Forum Moderators: martinibuster
It's very very important to do a carefully controlled test of whether 3 actually helps versus 1. In many, if not most, instances, it actually hurts earnings because you "downsell", getting users to click on a lower EPC ad.
I see a number very important reasons why it is better to have no more than 1 block:
1. CTR will drop significantly because you double or even triple impressions while clicks increase insignificantly. There is theory that high CTR will affect smart pricing so that higher CTR will cause higher CPC.
2. Lower blocks will have less paying ads and part of clicks which otherwise would go to high paying advertisers will go to lower paying ones. This will hurt you CPC and CPM.
3. By limiting amount of adspace given to AdSense publishers overall encourage bidding war for top spots among advertisers. Just like OPEC keeps the West on short leash :)
However, multiply Blocks may be to the benefit of publisher in cases when you use 3 well placed one-ad blocks in right places on the page instead of one leaderboard, for example.
[edited by: fdmaster at 5:00 pm (utc) on Nov. 30, 2004]
Does it matter if your cpm drops? Does that have an impact on anything?
CPM shows how much money you're making for every 1,000 impressions. So yes, it's important (more so than EPC, for example), but the "your earnings" column is the number that matters most when you're paying for housing and groceries. :-)
but the "your earnings" column is the number that matters most when you're paying for housing and groceries. :-)
Some of us have other sources of income to pay for the latter. Also if you're working from home and use a room just for that (as most of us webmasters are) part of the housing cost can be written off against tax as a business expense. Course I think if you wrote off groceries you ate while working as a business expense they might start complaining about that. *grins*
In many, if not most, instances, it actually hurts earnings because you "downsell", getting users to click on a lower EPC ad.

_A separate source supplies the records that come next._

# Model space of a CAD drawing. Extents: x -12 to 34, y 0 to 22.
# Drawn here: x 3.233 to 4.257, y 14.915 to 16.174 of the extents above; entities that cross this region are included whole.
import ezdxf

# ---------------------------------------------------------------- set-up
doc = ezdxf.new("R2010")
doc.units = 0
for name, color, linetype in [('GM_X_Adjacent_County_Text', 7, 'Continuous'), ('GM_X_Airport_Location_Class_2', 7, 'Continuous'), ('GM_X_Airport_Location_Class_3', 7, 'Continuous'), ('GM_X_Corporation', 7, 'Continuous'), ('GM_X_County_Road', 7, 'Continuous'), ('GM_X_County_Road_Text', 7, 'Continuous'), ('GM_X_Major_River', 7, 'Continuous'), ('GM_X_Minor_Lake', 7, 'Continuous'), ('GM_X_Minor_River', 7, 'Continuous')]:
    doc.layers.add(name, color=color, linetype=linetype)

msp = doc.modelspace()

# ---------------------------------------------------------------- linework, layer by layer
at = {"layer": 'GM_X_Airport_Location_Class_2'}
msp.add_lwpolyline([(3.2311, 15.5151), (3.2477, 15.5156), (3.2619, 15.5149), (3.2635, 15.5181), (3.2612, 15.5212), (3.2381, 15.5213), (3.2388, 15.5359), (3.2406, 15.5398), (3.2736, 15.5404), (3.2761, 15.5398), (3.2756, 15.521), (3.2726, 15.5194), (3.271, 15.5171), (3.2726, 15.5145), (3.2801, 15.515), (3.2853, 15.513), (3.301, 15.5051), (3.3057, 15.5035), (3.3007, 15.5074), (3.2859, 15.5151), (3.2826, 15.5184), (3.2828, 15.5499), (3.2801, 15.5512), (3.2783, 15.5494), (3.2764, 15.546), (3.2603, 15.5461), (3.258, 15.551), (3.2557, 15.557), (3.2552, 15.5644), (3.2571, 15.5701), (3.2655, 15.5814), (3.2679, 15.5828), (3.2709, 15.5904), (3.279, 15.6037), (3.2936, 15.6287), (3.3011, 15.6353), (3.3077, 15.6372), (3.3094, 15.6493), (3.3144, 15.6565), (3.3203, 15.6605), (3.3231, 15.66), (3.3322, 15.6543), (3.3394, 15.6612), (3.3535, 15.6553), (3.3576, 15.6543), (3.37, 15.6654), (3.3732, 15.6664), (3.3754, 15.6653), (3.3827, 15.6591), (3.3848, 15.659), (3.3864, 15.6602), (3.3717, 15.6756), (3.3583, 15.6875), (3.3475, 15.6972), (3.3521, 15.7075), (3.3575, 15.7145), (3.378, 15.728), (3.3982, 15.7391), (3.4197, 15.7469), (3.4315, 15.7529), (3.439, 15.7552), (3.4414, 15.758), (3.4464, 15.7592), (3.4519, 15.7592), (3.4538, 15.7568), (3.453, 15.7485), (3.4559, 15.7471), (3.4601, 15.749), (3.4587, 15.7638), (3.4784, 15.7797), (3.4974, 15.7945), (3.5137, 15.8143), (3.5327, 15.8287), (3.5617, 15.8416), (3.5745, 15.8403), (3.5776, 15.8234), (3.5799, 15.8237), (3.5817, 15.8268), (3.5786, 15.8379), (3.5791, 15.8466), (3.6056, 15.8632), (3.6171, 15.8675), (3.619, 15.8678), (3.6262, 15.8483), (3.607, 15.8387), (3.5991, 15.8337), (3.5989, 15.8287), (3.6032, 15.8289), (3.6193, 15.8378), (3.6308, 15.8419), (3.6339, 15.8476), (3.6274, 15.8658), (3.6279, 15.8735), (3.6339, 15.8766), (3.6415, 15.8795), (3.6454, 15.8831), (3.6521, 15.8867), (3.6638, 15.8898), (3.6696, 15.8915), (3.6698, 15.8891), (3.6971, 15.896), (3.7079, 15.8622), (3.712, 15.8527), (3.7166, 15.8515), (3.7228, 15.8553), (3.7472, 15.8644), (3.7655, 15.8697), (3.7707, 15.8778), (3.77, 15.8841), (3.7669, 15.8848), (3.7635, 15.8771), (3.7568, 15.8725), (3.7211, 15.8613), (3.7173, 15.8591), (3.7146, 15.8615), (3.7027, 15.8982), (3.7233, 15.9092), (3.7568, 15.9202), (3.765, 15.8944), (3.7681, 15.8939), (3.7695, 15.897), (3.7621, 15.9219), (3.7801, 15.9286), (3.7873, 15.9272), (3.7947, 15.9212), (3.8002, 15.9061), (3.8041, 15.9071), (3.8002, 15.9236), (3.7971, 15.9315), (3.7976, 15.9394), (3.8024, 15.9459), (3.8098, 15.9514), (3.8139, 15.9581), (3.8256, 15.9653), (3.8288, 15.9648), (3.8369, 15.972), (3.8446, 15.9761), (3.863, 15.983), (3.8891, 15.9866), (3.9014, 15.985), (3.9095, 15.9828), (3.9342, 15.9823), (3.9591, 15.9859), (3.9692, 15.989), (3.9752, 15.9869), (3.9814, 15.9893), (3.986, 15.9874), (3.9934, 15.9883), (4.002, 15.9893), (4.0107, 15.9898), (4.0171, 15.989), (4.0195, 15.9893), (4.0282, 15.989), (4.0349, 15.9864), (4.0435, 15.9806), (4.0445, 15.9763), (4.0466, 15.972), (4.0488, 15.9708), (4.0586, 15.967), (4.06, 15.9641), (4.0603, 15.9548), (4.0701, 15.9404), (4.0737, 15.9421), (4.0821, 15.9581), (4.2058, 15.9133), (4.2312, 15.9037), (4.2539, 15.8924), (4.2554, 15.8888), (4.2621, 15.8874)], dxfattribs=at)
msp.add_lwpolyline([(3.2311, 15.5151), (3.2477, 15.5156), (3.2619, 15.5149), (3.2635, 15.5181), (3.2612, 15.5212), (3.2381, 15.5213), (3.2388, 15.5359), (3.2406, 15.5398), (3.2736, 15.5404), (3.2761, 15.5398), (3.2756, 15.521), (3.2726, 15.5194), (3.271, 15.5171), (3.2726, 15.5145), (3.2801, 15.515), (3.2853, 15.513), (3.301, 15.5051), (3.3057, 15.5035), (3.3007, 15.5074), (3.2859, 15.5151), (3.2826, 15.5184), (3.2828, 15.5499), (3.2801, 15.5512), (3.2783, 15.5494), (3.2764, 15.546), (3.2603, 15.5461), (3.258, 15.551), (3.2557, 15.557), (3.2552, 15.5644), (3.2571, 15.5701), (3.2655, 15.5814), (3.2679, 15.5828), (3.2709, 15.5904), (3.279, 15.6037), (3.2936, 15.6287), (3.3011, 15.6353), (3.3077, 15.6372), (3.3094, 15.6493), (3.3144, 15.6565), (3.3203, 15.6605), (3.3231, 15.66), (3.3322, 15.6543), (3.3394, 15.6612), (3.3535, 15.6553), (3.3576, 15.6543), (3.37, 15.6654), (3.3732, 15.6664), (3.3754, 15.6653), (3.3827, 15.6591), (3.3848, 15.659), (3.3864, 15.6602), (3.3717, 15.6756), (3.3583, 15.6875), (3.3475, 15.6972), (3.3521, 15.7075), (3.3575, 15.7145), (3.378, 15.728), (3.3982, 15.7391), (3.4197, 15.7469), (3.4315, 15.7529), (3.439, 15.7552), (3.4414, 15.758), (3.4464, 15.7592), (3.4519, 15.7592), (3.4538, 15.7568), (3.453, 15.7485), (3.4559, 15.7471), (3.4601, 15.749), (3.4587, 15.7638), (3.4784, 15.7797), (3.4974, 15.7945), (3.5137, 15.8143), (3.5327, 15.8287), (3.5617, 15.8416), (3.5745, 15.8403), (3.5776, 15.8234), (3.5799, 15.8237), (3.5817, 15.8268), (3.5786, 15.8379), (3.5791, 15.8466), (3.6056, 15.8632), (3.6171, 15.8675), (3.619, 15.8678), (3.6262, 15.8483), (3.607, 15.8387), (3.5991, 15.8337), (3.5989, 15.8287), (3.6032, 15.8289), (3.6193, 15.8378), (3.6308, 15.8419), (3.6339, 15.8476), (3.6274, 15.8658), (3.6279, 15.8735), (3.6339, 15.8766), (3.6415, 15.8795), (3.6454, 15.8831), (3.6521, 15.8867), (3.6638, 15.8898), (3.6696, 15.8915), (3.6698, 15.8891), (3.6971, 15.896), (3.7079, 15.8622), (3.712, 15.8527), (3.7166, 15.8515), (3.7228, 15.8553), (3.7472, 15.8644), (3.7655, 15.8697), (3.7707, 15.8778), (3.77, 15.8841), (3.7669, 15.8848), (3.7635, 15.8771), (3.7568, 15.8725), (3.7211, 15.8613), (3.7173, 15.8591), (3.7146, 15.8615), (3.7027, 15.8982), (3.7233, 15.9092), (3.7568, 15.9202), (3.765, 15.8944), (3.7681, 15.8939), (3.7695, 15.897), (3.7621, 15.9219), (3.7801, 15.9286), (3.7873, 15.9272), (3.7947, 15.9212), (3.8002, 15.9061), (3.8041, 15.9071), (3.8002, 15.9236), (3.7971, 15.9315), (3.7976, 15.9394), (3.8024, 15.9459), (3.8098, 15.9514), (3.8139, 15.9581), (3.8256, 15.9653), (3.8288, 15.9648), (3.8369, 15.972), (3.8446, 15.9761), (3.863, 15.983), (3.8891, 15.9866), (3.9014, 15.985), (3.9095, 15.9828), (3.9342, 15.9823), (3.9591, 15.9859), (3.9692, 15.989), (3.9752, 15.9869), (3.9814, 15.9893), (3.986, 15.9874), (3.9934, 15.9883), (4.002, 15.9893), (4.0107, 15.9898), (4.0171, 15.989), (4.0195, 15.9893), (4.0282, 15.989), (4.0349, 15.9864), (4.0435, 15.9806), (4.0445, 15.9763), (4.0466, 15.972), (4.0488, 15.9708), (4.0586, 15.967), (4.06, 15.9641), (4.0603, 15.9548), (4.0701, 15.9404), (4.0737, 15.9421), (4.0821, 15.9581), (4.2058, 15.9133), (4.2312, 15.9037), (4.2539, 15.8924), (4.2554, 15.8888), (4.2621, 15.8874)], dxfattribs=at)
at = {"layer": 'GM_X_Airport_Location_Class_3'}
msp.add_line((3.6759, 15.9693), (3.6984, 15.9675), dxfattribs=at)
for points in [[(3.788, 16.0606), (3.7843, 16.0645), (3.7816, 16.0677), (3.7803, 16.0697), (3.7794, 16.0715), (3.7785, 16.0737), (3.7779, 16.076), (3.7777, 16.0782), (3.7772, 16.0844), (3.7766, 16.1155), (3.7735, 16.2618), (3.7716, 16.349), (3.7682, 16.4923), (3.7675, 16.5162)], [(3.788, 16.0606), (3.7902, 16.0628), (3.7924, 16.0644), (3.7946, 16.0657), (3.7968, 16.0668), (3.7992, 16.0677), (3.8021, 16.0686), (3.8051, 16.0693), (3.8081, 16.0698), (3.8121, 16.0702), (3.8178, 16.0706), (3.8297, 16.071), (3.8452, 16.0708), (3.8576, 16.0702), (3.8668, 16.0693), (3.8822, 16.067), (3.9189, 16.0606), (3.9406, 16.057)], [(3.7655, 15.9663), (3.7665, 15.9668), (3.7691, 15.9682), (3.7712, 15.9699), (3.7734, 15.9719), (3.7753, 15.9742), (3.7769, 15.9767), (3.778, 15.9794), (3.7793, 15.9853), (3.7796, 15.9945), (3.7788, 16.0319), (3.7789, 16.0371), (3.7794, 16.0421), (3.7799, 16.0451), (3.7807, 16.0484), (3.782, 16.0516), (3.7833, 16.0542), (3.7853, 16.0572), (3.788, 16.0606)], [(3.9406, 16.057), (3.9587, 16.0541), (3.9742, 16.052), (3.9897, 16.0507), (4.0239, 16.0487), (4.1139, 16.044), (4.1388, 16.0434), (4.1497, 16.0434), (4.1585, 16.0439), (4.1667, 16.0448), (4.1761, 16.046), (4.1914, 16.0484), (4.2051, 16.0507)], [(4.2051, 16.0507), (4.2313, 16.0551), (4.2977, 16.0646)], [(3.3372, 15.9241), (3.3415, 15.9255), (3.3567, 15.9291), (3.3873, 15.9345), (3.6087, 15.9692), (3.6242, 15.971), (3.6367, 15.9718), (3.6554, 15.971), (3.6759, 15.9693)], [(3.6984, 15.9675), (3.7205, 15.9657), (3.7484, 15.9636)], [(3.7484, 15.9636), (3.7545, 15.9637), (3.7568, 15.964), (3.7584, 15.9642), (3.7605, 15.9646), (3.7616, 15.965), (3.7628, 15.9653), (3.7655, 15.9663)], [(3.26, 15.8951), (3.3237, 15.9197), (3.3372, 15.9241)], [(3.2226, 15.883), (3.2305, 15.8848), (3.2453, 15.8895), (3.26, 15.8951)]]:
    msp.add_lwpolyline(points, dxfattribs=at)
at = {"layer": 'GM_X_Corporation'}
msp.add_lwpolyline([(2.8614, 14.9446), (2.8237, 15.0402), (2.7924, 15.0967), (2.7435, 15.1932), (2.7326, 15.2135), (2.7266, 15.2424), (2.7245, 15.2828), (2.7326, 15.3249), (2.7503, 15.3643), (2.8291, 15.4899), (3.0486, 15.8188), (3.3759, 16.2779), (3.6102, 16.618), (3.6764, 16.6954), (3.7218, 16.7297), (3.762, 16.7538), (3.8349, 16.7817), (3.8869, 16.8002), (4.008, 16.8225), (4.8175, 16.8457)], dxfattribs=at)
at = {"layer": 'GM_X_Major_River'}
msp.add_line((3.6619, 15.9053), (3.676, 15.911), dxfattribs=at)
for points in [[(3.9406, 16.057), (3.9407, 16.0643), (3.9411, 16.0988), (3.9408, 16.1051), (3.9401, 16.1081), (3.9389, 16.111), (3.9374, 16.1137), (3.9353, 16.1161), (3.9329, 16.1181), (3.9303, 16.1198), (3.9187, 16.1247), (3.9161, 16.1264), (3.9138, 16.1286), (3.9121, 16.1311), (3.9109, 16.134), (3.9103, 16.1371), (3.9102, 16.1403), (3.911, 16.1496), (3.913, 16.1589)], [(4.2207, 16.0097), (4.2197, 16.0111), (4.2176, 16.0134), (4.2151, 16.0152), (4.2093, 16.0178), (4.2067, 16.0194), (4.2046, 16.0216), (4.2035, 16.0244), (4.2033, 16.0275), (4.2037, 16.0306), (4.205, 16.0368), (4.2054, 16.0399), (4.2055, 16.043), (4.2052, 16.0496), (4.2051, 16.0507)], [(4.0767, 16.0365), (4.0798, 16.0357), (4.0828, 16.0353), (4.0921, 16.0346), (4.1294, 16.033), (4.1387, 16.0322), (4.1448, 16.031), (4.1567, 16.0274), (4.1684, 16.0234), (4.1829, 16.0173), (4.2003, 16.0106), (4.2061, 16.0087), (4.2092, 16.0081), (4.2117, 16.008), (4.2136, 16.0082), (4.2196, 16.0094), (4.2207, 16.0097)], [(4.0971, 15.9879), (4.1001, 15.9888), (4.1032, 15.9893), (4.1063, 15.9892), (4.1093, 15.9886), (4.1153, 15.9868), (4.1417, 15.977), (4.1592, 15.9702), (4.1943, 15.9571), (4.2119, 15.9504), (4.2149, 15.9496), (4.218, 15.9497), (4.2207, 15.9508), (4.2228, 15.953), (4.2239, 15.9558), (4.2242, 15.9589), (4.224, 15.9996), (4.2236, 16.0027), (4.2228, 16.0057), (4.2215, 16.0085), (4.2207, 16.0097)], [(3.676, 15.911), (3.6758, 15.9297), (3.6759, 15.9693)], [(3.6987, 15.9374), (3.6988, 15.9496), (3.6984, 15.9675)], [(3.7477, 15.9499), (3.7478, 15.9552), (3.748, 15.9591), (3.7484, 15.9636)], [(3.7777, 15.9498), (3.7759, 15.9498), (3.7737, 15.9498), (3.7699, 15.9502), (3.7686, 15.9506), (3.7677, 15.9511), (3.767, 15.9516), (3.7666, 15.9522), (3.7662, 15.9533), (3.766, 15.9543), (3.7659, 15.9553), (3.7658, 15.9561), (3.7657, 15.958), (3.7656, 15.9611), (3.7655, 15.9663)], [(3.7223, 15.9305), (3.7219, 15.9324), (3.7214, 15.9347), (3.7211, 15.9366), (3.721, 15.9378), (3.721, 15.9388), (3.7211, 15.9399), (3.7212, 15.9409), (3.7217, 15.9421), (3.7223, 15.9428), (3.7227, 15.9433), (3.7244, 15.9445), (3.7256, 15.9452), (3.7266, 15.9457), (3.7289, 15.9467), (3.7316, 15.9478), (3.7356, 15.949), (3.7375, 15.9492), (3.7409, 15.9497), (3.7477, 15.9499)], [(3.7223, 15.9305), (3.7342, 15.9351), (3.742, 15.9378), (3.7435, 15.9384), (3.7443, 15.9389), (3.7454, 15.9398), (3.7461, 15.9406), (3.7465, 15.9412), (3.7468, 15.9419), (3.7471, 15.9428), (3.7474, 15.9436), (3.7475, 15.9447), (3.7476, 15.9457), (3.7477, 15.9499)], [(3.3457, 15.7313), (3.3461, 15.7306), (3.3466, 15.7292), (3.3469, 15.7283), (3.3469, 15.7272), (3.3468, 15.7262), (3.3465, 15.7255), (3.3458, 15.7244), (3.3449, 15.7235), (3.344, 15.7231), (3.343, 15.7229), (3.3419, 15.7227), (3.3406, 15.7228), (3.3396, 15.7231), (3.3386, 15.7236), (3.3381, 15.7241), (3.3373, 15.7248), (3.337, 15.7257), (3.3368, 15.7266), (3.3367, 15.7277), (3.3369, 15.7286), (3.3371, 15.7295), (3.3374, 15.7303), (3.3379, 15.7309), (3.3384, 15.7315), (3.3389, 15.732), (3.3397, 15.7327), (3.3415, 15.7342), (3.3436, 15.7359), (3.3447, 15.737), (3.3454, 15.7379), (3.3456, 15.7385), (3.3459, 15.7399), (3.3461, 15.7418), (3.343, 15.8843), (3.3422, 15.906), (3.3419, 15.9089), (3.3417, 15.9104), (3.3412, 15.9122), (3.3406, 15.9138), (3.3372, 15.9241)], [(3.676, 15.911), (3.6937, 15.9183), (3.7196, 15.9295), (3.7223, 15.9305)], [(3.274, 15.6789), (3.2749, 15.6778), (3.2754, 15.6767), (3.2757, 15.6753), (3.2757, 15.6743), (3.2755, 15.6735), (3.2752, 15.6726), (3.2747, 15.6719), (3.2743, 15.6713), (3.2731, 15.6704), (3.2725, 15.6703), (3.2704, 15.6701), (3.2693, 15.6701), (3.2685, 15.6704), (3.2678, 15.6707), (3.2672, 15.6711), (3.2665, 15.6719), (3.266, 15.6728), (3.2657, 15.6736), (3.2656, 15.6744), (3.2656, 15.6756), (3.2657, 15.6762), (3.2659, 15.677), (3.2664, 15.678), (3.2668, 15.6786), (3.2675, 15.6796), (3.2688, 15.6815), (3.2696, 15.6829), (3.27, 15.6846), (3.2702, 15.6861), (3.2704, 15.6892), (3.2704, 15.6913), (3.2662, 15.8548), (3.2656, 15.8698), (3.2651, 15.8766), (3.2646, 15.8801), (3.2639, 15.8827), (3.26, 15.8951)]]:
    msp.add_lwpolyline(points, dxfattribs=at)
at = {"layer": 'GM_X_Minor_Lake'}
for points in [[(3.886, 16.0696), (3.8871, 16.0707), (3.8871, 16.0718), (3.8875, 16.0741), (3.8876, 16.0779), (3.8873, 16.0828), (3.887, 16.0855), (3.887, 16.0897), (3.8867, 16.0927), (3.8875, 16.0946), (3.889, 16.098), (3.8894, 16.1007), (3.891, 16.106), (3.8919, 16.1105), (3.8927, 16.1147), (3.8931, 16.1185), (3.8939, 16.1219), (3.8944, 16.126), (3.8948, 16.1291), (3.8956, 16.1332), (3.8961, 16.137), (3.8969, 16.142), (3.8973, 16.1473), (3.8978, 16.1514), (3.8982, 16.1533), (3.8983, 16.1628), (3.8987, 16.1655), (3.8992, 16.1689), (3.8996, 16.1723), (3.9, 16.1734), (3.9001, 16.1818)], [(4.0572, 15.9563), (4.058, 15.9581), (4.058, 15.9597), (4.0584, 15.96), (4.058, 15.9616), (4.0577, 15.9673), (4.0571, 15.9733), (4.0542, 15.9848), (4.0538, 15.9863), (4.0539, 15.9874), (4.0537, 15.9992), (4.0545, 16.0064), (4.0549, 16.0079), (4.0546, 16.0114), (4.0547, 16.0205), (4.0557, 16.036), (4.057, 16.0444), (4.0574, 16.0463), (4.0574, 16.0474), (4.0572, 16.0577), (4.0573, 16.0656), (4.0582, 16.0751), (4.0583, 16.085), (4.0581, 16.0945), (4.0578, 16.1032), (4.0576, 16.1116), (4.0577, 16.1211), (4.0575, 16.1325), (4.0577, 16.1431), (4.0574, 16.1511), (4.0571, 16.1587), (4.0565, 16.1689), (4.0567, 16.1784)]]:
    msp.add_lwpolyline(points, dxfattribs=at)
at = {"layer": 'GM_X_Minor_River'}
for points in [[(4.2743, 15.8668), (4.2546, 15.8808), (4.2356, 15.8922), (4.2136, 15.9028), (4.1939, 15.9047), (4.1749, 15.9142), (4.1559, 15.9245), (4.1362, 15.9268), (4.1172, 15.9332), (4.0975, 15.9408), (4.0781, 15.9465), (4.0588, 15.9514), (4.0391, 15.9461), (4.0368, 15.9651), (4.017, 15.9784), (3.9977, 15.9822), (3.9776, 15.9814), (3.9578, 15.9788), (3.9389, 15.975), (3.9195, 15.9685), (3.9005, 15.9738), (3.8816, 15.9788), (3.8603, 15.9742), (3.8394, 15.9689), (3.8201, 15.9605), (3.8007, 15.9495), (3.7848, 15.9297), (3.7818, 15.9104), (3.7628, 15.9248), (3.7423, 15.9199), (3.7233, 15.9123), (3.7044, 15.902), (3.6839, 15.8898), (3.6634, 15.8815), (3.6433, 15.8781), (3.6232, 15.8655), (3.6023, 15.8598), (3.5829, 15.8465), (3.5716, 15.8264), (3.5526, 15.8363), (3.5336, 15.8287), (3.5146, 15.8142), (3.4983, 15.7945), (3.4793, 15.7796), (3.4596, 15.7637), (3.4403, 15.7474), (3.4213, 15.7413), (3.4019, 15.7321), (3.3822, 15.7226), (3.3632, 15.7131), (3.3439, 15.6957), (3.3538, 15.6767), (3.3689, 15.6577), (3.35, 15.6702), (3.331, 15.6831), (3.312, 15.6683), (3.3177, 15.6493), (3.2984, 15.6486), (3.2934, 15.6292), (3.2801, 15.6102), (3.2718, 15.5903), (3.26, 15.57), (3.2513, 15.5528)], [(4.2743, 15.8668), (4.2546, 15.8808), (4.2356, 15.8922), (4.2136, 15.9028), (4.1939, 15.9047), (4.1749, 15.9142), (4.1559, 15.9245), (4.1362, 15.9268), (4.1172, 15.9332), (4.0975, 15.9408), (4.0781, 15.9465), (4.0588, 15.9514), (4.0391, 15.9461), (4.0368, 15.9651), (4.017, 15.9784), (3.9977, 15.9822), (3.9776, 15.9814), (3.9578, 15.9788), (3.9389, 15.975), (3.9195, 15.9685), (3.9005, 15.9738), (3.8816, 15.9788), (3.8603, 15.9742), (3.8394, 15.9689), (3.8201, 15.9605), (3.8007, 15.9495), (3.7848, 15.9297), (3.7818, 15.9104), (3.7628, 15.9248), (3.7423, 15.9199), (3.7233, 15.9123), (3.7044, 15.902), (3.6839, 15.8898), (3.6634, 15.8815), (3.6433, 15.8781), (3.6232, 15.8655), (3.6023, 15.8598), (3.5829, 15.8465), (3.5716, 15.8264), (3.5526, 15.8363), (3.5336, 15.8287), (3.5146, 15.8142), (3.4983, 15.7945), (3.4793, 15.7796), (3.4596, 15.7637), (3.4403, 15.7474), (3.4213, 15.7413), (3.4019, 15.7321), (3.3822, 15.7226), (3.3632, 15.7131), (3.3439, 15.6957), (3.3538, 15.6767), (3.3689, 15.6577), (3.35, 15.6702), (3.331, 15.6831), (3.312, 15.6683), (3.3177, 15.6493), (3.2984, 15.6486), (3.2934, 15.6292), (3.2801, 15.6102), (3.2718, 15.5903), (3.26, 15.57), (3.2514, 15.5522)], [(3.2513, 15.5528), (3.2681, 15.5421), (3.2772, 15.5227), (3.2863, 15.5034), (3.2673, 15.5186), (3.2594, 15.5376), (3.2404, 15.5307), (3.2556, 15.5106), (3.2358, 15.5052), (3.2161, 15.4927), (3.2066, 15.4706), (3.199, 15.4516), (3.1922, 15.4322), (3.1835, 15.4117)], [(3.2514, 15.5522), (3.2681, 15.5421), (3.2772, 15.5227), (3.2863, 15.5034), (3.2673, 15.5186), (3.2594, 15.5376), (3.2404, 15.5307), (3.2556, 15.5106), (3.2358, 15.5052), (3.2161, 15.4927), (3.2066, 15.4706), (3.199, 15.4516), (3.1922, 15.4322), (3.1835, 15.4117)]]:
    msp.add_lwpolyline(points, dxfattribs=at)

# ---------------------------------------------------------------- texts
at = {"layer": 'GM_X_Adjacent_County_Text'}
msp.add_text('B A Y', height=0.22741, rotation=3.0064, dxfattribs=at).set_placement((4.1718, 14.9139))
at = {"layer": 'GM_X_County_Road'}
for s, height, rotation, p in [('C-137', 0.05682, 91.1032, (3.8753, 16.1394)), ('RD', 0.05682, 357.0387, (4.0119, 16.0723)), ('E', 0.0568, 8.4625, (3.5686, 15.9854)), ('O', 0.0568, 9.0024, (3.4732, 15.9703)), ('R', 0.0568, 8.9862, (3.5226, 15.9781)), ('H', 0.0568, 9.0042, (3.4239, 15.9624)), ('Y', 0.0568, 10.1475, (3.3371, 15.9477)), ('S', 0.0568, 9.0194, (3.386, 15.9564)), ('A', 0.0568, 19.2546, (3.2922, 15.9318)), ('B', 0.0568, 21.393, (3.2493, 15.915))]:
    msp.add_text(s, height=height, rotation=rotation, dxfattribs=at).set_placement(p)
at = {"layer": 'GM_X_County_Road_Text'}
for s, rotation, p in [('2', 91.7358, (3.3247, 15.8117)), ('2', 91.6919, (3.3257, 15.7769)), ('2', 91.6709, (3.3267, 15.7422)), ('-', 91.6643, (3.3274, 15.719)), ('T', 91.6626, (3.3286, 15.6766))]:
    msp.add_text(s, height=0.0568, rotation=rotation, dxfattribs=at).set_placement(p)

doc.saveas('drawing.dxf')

I had that theory too. But after testing, the exact opposite was true.
In your case it may have been. I've tested it in a particular circumstance and downselling was exactly what happened. I had a carefully controlled test and waited for statistically significant results.
I would urge you to review carefully whether your test was controlled adequately and whether you had a statistically significant sample. My first day of testing led me to believe I might get a large increase by running three ads but when I had a statistically significant sample, the results were unambiguously negative.